Everything from the opening line of the records below through the line with "#33 = AXIS2_PLACEMENT_3D('',#34,#35,#36);" must be duplicated exactly, pictures left out.

**DATASET ENTRIES**:
::::::::::

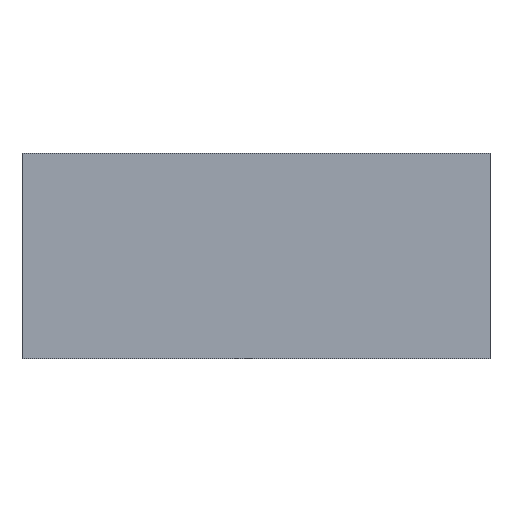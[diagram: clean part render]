
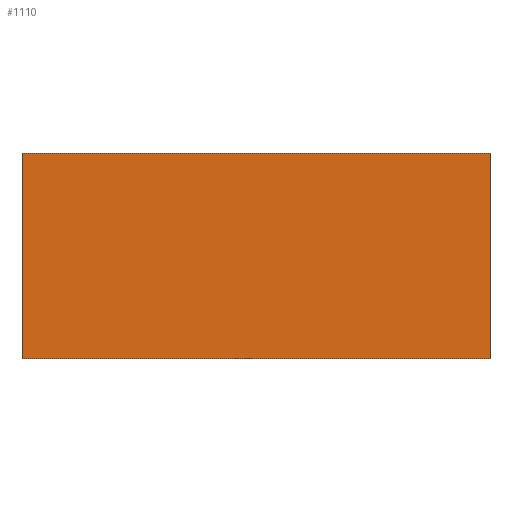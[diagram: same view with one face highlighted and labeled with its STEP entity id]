
A CAD part, front view. The second image highlights one B-rep face of the part: STEP entity #1110.
In plain terms, the highlighted planar face has unit normal (0, -1, 0).
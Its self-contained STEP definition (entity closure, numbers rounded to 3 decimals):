
#32 = PLANE('',#33);
#33 = AXIS2_PLACEMENT_3D('',#34,#35,#36);
#34 = CARTESIAN_POINT('',(-8.5,-5.,-14.));
#35 = DIRECTION('',(1.,0.,-0.));
#36 = DIRECTION('',(0.,0.,1.));
#57 = VERTEX_POINT('',#58);
#58 = CARTESIAN_POINT('',(-8.5,-5.,-11.8));
#72 = PLANE('',#73);
#73 = AXIS2_PLACEMENT_3D('',#74,#75,#76);
#74 = CARTESIAN_POINT('',(-8.5,-5.,-11.8));
#75 = DIRECTION('',(0.,0.,1.));
#76 = DIRECTION('',(1.,0.,-0.));
#84 = EDGE_CURVE('',#85,#57,#87,.T.);
#85 = VERTEX_POINT('',#86);
#86 = CARTESIAN_POINT('',(-8.5,-5.,-14.));
#87 = SURFACE_CURVE('',#88,(#92,#99),.PCURVE_S1.);
#88 = LINE('',#89,#90);
#89 = CARTESIAN_POINT('',(-8.5,-5.,-14.));
#90 = VECTOR('',#91,1.);
#91 = DIRECTION('',(0.,0.,1.));
#92 = PCURVE('',#32,#93);
#93 = DEFINITIONAL_REPRESENTATION('',(#94),#98);
#94 = LINE('',#95,#96);
#95 = CARTESIAN_POINT('',(0.,0.));
#96 = VECTOR('',#97,1.);
#97 = DIRECTION('',(1.,0.));
#98 = ( GEOMETRIC_REPRESENTATION_CONTEXT(2) 
PARAMETRIC_REPRESENTATION_CONTEXT() REPRESENTATION_CONTEXT('2D SPACE',''
  ) );
#99 = PCURVE('',#100,#105);
#100 = PLANE('',#101);
#101 = AXIS2_PLACEMENT_3D('',#102,#103,#104);
#102 = CARTESIAN_POINT('',(-8.5,-5.,-14.));
#103 = DIRECTION('',(-0.,1.,0.));
#104 = DIRECTION('',(0.,0.,1.));
#105 = DEFINITIONAL_REPRESENTATION('',(#106),#110);
#106 = LINE('',#107,#108);
#107 = CARTESIAN_POINT('',(0.,0.));
#108 = VECTOR('',#109,1.);
#109 = DIRECTION('',(1.,0.));
#110 = ( GEOMETRIC_REPRESENTATION_CONTEXT(2) 
PARAMETRIC_REPRESENTATION_CONTEXT() REPRESENTATION_CONTEXT('2D SPACE',''
  ) );
#128 = PLANE('',#129);
#129 = AXIS2_PLACEMENT_3D('',#130,#131,#132);
#130 = CARTESIAN_POINT('',(-8.5,-5.,-14.));
#131 = DIRECTION('',(0.,0.,1.));
#132 = DIRECTION('',(1.,0.,-0.));
#426 = PLANE('',#427);
#427 = AXIS2_PLACEMENT_3D('',#428,#429,#430);
#428 = CARTESIAN_POINT('',(-3.5,-5.,-14.));
#429 = DIRECTION('',(1.,0.,-0.));
#430 = DIRECTION('',(0.,0.,1.));
#997 = EDGE_CURVE('',#85,#998,#1000,.T.);
#998 = VERTEX_POINT('',#999);
#999 = CARTESIAN_POINT('',(-3.5,-5.,-14.));
#1000 = SURFACE_CURVE('',#1001,(#1005,#1012),.PCURVE_S1.);
#1001 = LINE('',#1002,#1003);
#1002 = CARTESIAN_POINT('',(-8.5,-5.,-14.));
#1003 = VECTOR('',#1004,1.);
#1004 = DIRECTION('',(1.,0.,-0.));
#1005 = PCURVE('',#128,#1006);
#1006 = DEFINITIONAL_REPRESENTATION('',(#1007),#1011);
#1007 = LINE('',#1008,#1009);
#1008 = CARTESIAN_POINT('',(0.,0.));
#1009 = VECTOR('',#1010,1.);
#1010 = DIRECTION('',(1.,0.));
#1011 = ( GEOMETRIC_REPRESENTATION_CONTEXT(2) 
PARAMETRIC_REPRESENTATION_CONTEXT() REPRESENTATION_CONTEXT('2D SPACE',''
  ) );
#1012 = PCURVE('',#100,#1013);
#1013 = DEFINITIONAL_REPRESENTATION('',(#1014),#1018);
#1014 = LINE('',#1015,#1016);
#1015 = CARTESIAN_POINT('',(0.,0.));
#1016 = VECTOR('',#1017,1.);
#1017 = DIRECTION('',(0.,1.));
#1018 = ( GEOMETRIC_REPRESENTATION_CONTEXT(2) 
PARAMETRIC_REPRESENTATION_CONTEXT() REPRESENTATION_CONTEXT('2D SPACE',''
  ) );
#1110 = ADVANCED_FACE('',(#1111),#100,.F.);
#1111 = FACE_BOUND('',#1112,.F.);
#1112 = EDGE_LOOP('',(#1113,#1114,#1115,#1138));
#1113 = ORIENTED_EDGE('',*,*,#997,.F.);
#1114 = ORIENTED_EDGE('',*,*,#84,.T.);
#1115 = ORIENTED_EDGE('',*,*,#1116,.T.);
#1116 = EDGE_CURVE('',#57,#1117,#1119,.T.);
#1117 = VERTEX_POINT('',#1118);
#1118 = CARTESIAN_POINT('',(-3.5,-5.,-11.8));
#1119 = SURFACE_CURVE('',#1120,(#1124,#1131),.PCURVE_S1.);
#1120 = LINE('',#1121,#1122);
#1121 = CARTESIAN_POINT('',(-8.5,-5.,-11.8));
#1122 = VECTOR('',#1123,1.);
#1123 = DIRECTION('',(1.,0.,-0.));
#1124 = PCURVE('',#100,#1125);
#1125 = DEFINITIONAL_REPRESENTATION('',(#1126),#1130);
#1126 = LINE('',#1127,#1128);
#1127 = CARTESIAN_POINT('',(2.2,0.));
#1128 = VECTOR('',#1129,1.);
#1129 = DIRECTION('',(0.,1.));
#1130 = ( GEOMETRIC_REPRESENTATION_CONTEXT(2) 
PARAMETRIC_REPRESENTATION_CONTEXT() REPRESENTATION_CONTEXT('2D SPACE',''
  ) );
#1131 = PCURVE('',#72,#1132);
#1132 = DEFINITIONAL_REPRESENTATION('',(#1133),#1137);
#1133 = LINE('',#1134,#1135);
#1134 = CARTESIAN_POINT('',(0.,0.));
#1135 = VECTOR('',#1136,1.);
#1136 = DIRECTION('',(1.,0.));
#1137 = ( GEOMETRIC_REPRESENTATION_CONTEXT(2) 
PARAMETRIC_REPRESENTATION_CONTEXT() REPRESENTATION_CONTEXT('2D SPACE',''
  ) );
#1138 = ORIENTED_EDGE('',*,*,#1139,.F.);
#1139 = EDGE_CURVE('',#998,#1117,#1140,.T.);
#1140 = SURFACE_CURVE('',#1141,(#1145,#1152),.PCURVE_S1.);
#1141 = LINE('',#1142,#1143);
#1142 = CARTESIAN_POINT('',(-3.5,-5.,-14.));
#1143 = VECTOR('',#1144,1.);
#1144 = DIRECTION('',(0.,0.,1.));
#1145 = PCURVE('',#100,#1146);
#1146 = DEFINITIONAL_REPRESENTATION('',(#1147),#1151);
#1147 = LINE('',#1148,#1149);
#1148 = CARTESIAN_POINT('',(0.,5.));
#1149 = VECTOR('',#1150,1.);
#1150 = DIRECTION('',(1.,0.));
#1151 = ( GEOMETRIC_REPRESENTATION_CONTEXT(2) 
PARAMETRIC_REPRESENTATION_CONTEXT() REPRESENTATION_CONTEXT('2D SPACE',''
  ) );
#1152 = PCURVE('',#426,#1153);
#1153 = DEFINITIONAL_REPRESENTATION('',(#1154),#1158);
#1154 = LINE('',#1155,#1156);
#1155 = CARTESIAN_POINT('',(0.,0.));
#1156 = VECTOR('',#1157,1.);
#1157 = DIRECTION('',(1.,0.));
#1158 = ( GEOMETRIC_REPRESENTATION_CONTEXT(2) 
PARAMETRIC_REPRESENTATION_CONTEXT() REPRESENTATION_CONTEXT('2D SPACE',''
  ) );

::::::::::

**FINISHED EXERCISE**:
[diagram: clean part render]
[diagram: same view with one face highlighted and labeled with its STEP entity id]
A CAD part, front view. The second image highlights one B-rep face of the part: STEP entity #1110.
In plain terms, the highlighted planar face has unit normal (0, -1, 0).
Its self-contained STEP definition (entity closure, numbers rounded to 3 decimals):
#32 = PLANE('',#33);
#33 = AXIS2_PLACEMENT_3D('',#34,#35,#36);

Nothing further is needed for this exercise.